MUSTAFA KÖZ'ÜN "KASABADA MİLLİ HASILA HABERLERİ" ŞİİRİ ÜZERİNE

Şiir yorumlamak çok becerdiğim bir iş değildir. Yani kime göre neye göre belki? O cafcaflı kelimeleri kullanmadan yorumlarımı sıralarken yanlış yapıyorum galiba. Ben başardığımı düşünsem de yanlış olabilir bu gerçek. Sanırım şiir eleştirilerinde de insanların beklentisi film eleştirilerinde ki  gibi daha akademik bir dil. Aranan bu mu?

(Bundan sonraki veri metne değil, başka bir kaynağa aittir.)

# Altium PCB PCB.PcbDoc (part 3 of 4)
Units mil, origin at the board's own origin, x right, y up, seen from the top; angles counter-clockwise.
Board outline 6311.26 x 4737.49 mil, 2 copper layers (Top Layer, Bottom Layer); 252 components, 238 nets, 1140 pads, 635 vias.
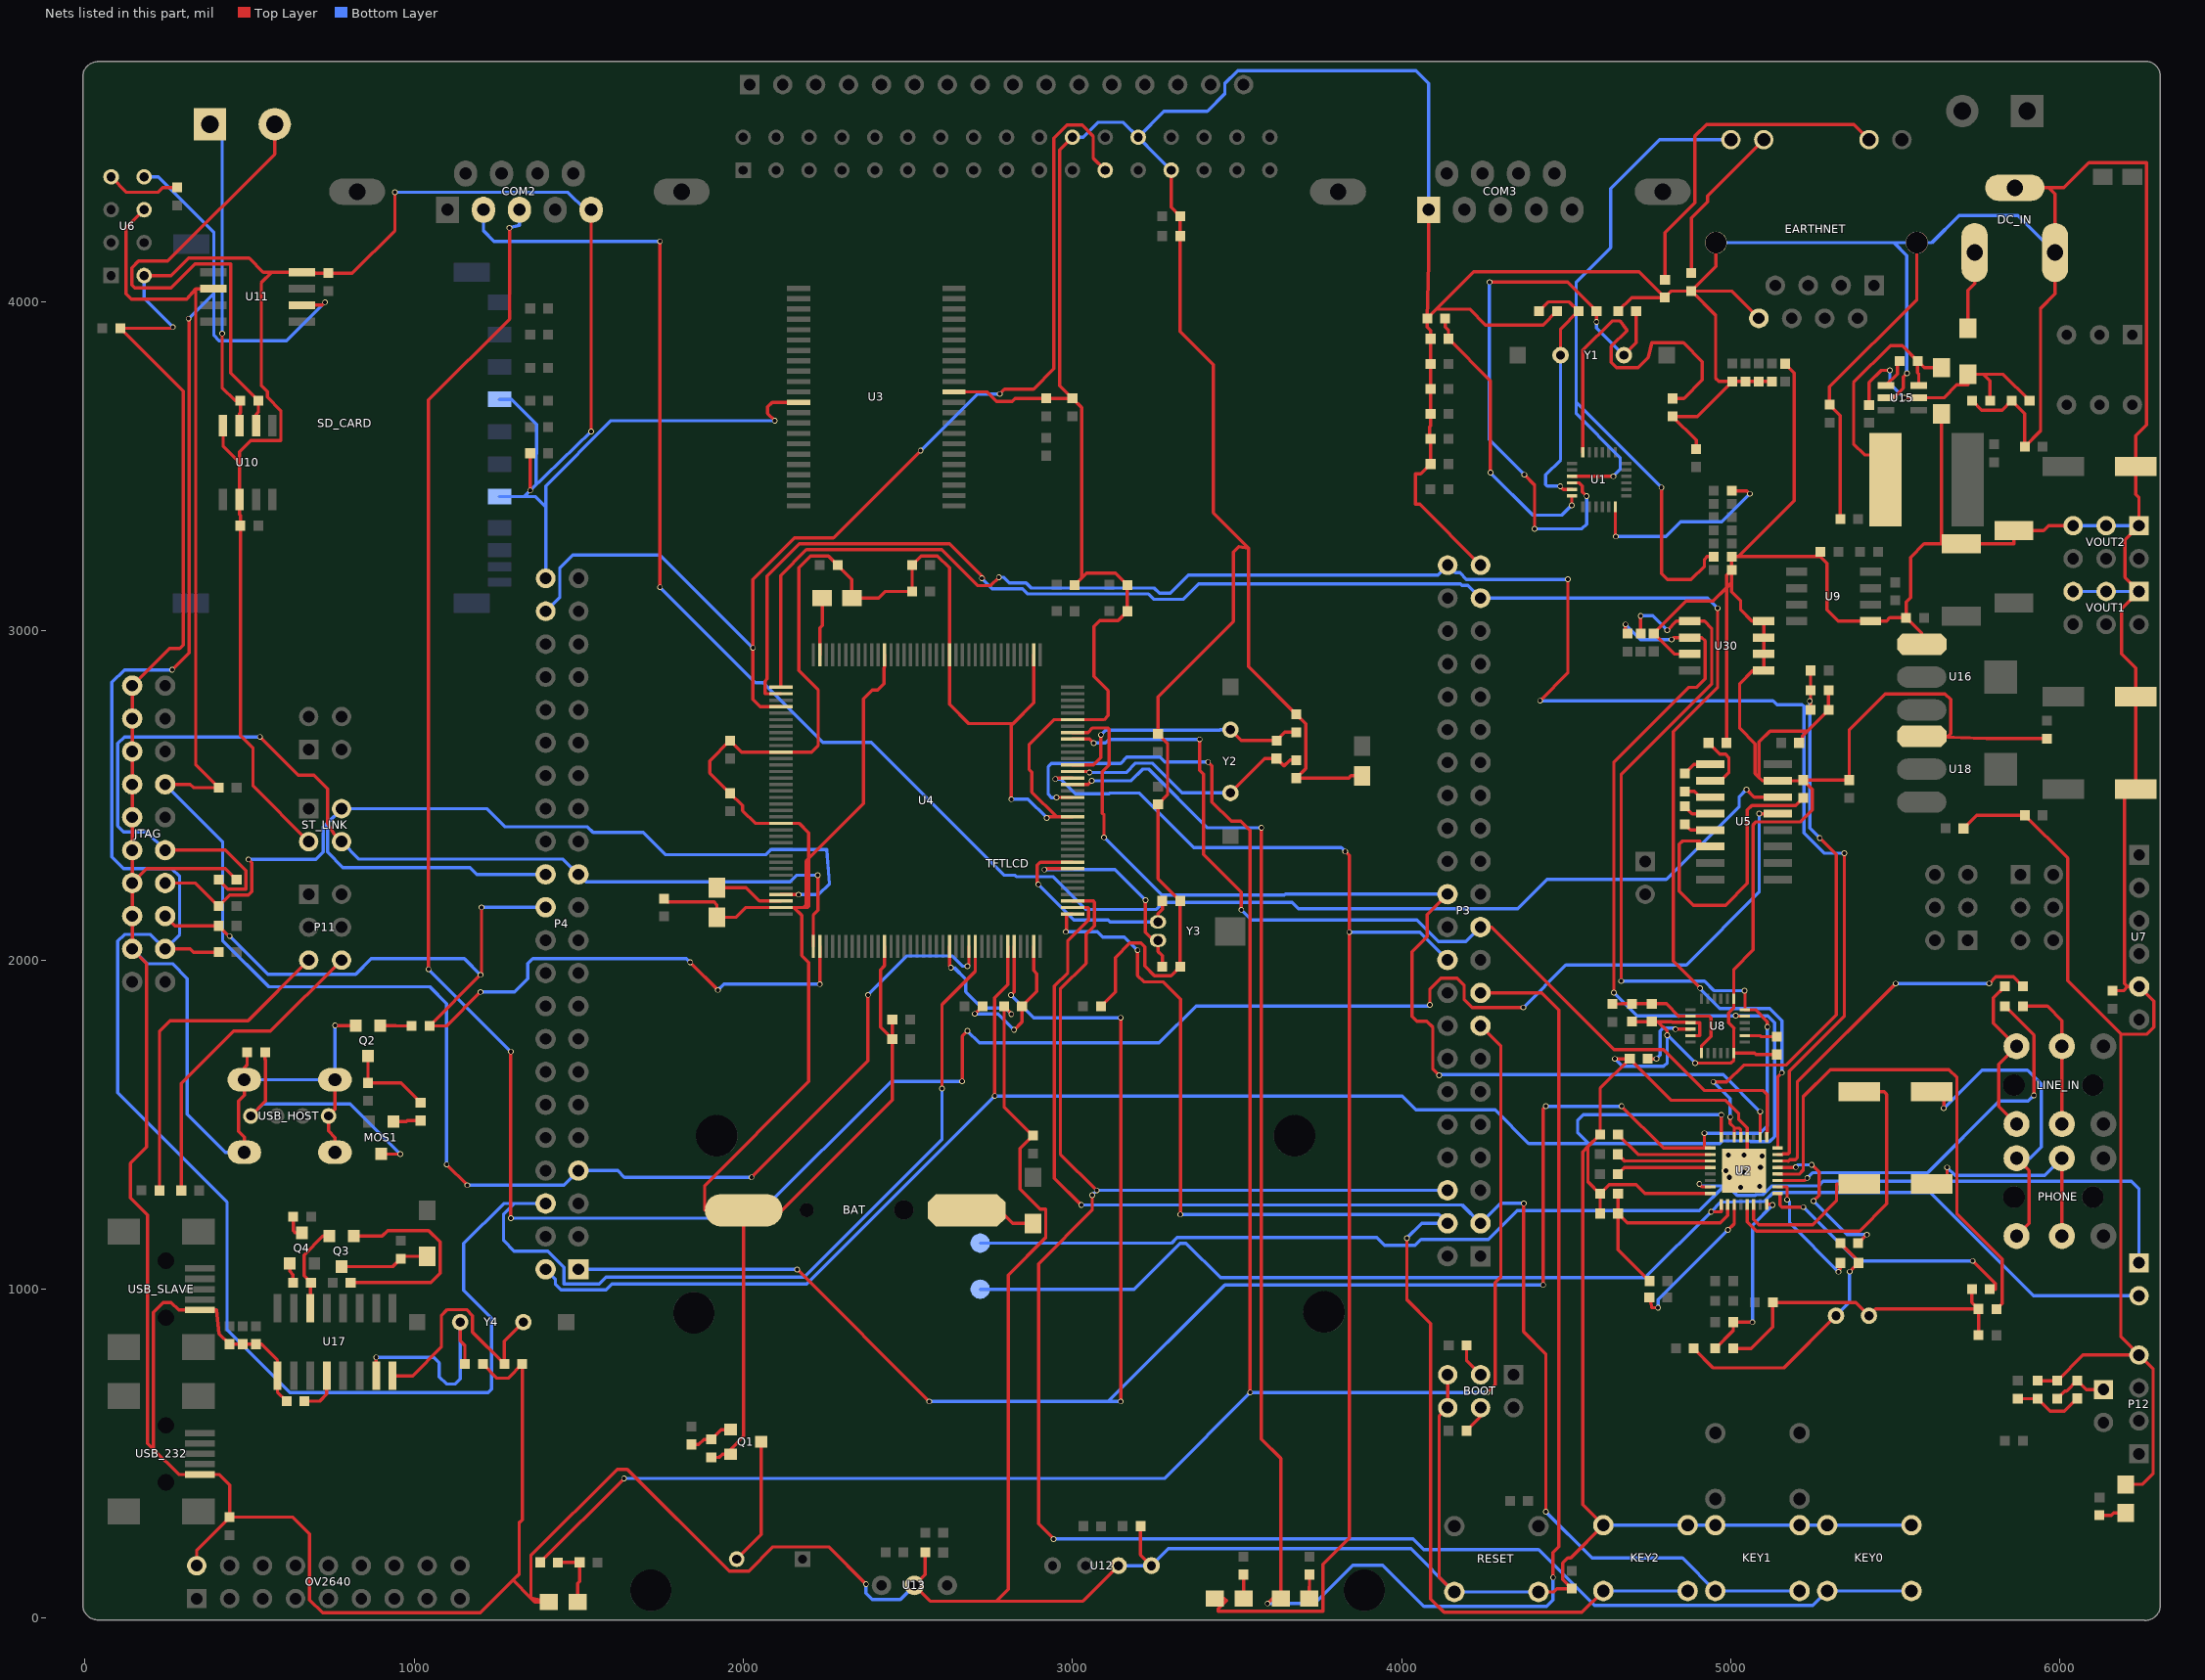
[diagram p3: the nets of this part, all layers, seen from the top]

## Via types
v1: diameter 17, hole 12, Top Layer to Bottom Layer, 622 vias
v2: diameter 25, hole 15, Top Layer to Bottom Layer, 9 vias
v3: diameter 275.59, hole 129.92, Top Layer to Bottom Layer, 4 vias

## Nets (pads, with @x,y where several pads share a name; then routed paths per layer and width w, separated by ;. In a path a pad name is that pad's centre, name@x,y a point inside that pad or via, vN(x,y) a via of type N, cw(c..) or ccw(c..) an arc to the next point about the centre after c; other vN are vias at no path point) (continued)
GND: 94.1 BAT.2 BOOT.5 BOOT.6 C3.1 C5.1 C7.1 C8.1 C11.1 C12.1 C13.1 C14.1 C15.1 C22.1 C23.1 C27.1 C28.1 C29.1 C30.1 C31.1 C32.1 C33.1 C34.1 C35.1 C36.1 C37.1 C38.2 C39.2 C40.2 C41.1 C42.1 C43.2 C44.2 C45.2 C46.1 C47.1 C48.1 C49.1 C50.1 C51.1 C52.1 C53.1 C54.1 C55.1 C56.1 C57.1 C58.1 C59.1 C60.1 C61.1 C62.1 C63.2 C65.2 C66.1 C68.1 C69.1 C70.2 C71.2 C72.1 C73.1 C74.1 C75.2 C76.1 C77.1 C78.2 C79.1 C80.1 C81.2 C82.1 C84.1 C85.2 C86.1 C87.2 C88.2 C89.1 C90.1 C91.1 C92.1 C93.1 C95.1 C96.2 C97.1 C98.1 C99.1 COM2.5 COM3.1 D3.1 D5.1 D6.1 DC_IN.2 DC_IN.3 EARTHNET.8 EARTHNET.13 EARTHNET.14 JTAG.4 JTAG.6 JTAG.8 JTAG.10 JTAG.12 JTAG.14 JTAG.16 JTAG.18 JTAG.20 KEY0.1 KEY1.1 KEY2.1 LS.1 OV2640.2 P3.43 P4.44 P12.4 PWR.2 Q1.1 Q2.1 R8.2 R9.2 R10.1 R11.1 R15.1 R17.1 R18.1 R19.1 R26.2 R36.1 R40.2 R61.1 R67.2 RESET.2 SD_CARD.3 SD_CARD.6 ST_LINK.3 TFTLCD.22 TFTLCD.26 TFTLCD.27 U2.12 U2.24 U2.33 U3.12 U3.34 U4.16 U4.31 U4.38 U4.51 U4.61 U4.83 U4.94 U4.107 U4.120 U4.130 U5.15 U6.1 U7.5 U8.1 U8.9 U8.11 U8.18 U9.5 U10.2 U10.8 U11.4 U12.3 U12.4 U13.2 U15.2 U16.1 U17.1 U18.1 U30.1 U30.2 U30.3 U30.4 U30.7 USB_232.5 USB_HOST.4 USB_HOST.5 USB_HOST.6 USB_HOST.7 USB_HOST.8 USB_SLAVE.5 VOUT1.1 VOUT1.3 VOUT1.5 VOUT2.1 VOUT2.3 VOUT2.5 | length 66976.9
  Top Layer w9.84: 4739.39,1291.1 U2.24@4937.59,1291.1 ; 4821.58,1811.58 4869.1,1811.58 4869.1,1809.84 U8.9@4877.28,1809.84 4906,1809.84 4906,1770.47 U8.11@4877.28,1770.47 ; v1(4891.79,1687.21) 5000.42,1687.21 5009.21,1696 U8.18@5009.21,1717.28 5009.21,1793.79 ; 4993.5,1840 5009.21,1855.71 U8.1@5009.21,1882.72 5009.21,1972 ; 5023.72,1516.28 5049.84,1490.16 U2.12@5049.84,1462.41 U2.33@5049.84,1369.84
  Top Layer w10: U6.1@180,4080 262,4080 315,4133 499.06,4133 542,4090.06 568,4090.06 ; v1(267.56,3923.44) 264.06,3919.94 C70.2@107.5,3919.94 298.5,3728.94 298.5,2957.5 288,2947 257,2947 JTAG.20@144,2834 JTAG.18@144,2734 JTAG.16@144,2634 JTAG.14@144,2534 JTAG.12@144,2434 JTAG.10@144,2334 JTAG.8@144,2234 ; OV2640.2@340,160 340,207.44 C65.2@440.06,307.5 ; U10.8@420,3624.41 420,3562 470,3512 ; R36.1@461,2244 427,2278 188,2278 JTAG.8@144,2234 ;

Ben ise bir dosta anlatır gibi yazıyorum bu eleştirileri. İster film olsun ister dizi, pardon şiir :)

Sincan İstasyonu dergisinde rastladığım bu şiir hakkında da bir kaç kelam etmek istedim bir okuyucu olarak ve naçizane iyi bir okuyucu olduğuma inanarak.

Şiiri kendi adıma on üzerinden değerlendirirsem, on üzerinden 6.9, 6.9'dan da 7 vermeyi uygun görürüm.

Sevdiğim bir tür olmasına rağmen bazı noksanlarını görüyorum. 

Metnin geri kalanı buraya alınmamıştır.